We even get a free description from the error. Printing the exception shows something like "No action for foo. Available: bar, baz." Which is exactly the behavior the HTTP spec dictates. These are the things rails does well. Follow the conventions, use the out of the box features to write less code yourself.

With this in place, you can take a routes file like this:

namespace(:api) do |api|
  api.resource :user, :conditions => [:index, :show] do |user|
    user.resource :cart, :conditions => [:create, :update]
  end
end

And strip out the conditions:

namespace(:api) do |api|
  api.resource :user do |user|
    user.resource :cart
  end
end

This might seem like a small matter of aesthetics (and even if it was, I still like it), but it's also more agile. We know any undefined methods will return the proper response. As requirements inevitably change, we only have to make the single change of adding or removing methods; we don't then also have to go update the routes file. Win.

Cleaner Actions

We can take this further still. How many times have you come across an action like this:

def show
  if params[:id].blank?
    # return some specific error response
  end

  unless m = Model.find_by_id(params[:id])
    # return some other specific error response
  end

  # actual logic

end

By explicitly adding ActiveRecord::RecordNotFound to our list of rescues we can remove all that cruft.
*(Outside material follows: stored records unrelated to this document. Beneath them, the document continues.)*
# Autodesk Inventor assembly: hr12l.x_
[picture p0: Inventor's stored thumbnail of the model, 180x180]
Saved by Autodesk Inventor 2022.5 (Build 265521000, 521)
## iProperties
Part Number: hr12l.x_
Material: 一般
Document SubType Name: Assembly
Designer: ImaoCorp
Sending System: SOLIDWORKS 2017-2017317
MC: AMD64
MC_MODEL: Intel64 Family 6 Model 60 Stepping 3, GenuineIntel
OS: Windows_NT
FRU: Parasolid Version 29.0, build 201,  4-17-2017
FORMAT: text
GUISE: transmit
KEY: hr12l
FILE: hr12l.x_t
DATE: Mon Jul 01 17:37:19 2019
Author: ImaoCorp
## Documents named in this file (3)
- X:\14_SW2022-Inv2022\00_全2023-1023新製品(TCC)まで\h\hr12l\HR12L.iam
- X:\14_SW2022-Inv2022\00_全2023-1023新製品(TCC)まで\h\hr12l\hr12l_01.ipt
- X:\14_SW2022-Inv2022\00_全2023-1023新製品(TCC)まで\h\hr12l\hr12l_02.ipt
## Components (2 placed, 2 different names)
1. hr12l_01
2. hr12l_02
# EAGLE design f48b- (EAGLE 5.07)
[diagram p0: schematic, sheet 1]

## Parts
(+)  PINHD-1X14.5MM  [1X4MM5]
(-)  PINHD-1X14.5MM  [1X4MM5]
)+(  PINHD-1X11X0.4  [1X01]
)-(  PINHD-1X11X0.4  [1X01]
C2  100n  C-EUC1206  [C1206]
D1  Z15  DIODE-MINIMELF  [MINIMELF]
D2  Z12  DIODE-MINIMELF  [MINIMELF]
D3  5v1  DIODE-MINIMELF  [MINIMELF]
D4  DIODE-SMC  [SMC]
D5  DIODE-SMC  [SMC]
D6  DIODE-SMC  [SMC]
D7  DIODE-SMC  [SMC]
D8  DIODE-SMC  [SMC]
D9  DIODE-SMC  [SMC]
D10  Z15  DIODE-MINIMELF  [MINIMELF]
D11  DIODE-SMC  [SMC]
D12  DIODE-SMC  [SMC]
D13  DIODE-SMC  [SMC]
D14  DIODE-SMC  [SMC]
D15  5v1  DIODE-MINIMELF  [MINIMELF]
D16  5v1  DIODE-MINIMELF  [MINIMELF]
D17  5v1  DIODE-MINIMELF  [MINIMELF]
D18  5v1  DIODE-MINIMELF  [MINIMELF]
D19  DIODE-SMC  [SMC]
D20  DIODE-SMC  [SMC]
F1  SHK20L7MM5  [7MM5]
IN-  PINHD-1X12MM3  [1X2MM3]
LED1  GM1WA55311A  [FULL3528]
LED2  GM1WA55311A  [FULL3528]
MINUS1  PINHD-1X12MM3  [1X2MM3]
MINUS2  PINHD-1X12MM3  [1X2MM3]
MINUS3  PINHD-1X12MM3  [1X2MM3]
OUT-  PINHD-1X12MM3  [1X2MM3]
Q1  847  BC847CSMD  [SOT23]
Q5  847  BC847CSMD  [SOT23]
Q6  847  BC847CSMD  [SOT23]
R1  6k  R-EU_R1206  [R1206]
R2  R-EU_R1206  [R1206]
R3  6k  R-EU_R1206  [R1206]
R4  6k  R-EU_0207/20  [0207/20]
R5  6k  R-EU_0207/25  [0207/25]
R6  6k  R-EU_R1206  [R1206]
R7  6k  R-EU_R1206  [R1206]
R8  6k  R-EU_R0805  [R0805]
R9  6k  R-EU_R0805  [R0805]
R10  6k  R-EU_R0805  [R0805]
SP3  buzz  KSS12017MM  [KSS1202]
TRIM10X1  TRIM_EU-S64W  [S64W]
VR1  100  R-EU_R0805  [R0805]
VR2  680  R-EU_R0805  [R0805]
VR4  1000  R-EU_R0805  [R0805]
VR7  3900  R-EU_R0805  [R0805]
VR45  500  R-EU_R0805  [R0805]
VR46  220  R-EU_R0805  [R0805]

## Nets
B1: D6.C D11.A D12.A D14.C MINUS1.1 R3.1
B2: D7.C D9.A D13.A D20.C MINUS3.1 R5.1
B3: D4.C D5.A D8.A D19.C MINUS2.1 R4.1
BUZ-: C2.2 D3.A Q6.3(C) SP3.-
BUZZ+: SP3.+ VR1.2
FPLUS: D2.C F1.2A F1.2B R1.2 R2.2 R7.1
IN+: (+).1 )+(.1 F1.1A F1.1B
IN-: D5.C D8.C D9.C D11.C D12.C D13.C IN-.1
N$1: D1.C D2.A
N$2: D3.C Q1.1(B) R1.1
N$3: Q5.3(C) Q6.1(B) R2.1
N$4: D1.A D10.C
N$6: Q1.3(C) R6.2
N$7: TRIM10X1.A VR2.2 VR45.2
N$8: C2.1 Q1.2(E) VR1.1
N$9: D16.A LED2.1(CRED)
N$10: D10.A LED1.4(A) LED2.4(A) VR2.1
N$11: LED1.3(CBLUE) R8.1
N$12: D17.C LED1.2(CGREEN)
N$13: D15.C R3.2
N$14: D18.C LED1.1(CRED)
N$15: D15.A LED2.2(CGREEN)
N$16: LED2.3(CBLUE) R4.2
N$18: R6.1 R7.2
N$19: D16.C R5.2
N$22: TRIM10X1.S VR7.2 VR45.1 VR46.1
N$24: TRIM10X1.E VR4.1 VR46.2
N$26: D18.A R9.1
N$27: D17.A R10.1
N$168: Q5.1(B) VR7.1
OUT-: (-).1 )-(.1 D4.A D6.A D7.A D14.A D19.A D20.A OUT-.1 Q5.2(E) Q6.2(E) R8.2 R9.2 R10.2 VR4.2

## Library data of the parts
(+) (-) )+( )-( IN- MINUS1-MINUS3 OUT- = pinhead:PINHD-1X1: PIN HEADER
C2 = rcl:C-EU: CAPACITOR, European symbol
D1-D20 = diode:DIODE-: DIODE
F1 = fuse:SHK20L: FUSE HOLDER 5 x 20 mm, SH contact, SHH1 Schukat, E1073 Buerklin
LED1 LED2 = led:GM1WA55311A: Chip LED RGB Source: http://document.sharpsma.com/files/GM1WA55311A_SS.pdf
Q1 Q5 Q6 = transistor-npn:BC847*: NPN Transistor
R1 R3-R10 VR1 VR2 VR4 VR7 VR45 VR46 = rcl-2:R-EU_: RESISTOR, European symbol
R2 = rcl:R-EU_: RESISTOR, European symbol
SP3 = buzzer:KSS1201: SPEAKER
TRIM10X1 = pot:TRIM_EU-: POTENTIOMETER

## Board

rescue_from ActiveRecord::RecordNotFound do |ex|
  error = {
    :code        => 404,
    :name        => "NotFound"
    :description => "#{ex}"
  }

  respond_error(404, error)
end

Again, we get a free description. We can now clean up the action to something much more assertive and simple like:

def show
  m = Model.find(params[:id])

  # actual logic

end

And both invalid states lead to the correct error descriptions of "Can't find Model without an ID" or "Can't find Model with ID=42" respectively. Thank you again, Mr Rails.

Cleaner Everything

Once you get used to this method of exception handling and assertive code, it's easy to take this even further and define your own custom exception-rescue_from-raise scenarios for when your controllers get into various (exceptional) states where they can't and shouldn't continue.

No need to and return or return render or wrap everything in if/unless etc. When shit goes wrong, just raise the appropriate exception. All you have to do is trust (or dictate) that the level of abstraction(s) above you are written to do the Right Thing, which is a useful quality even if you're not following this pattern.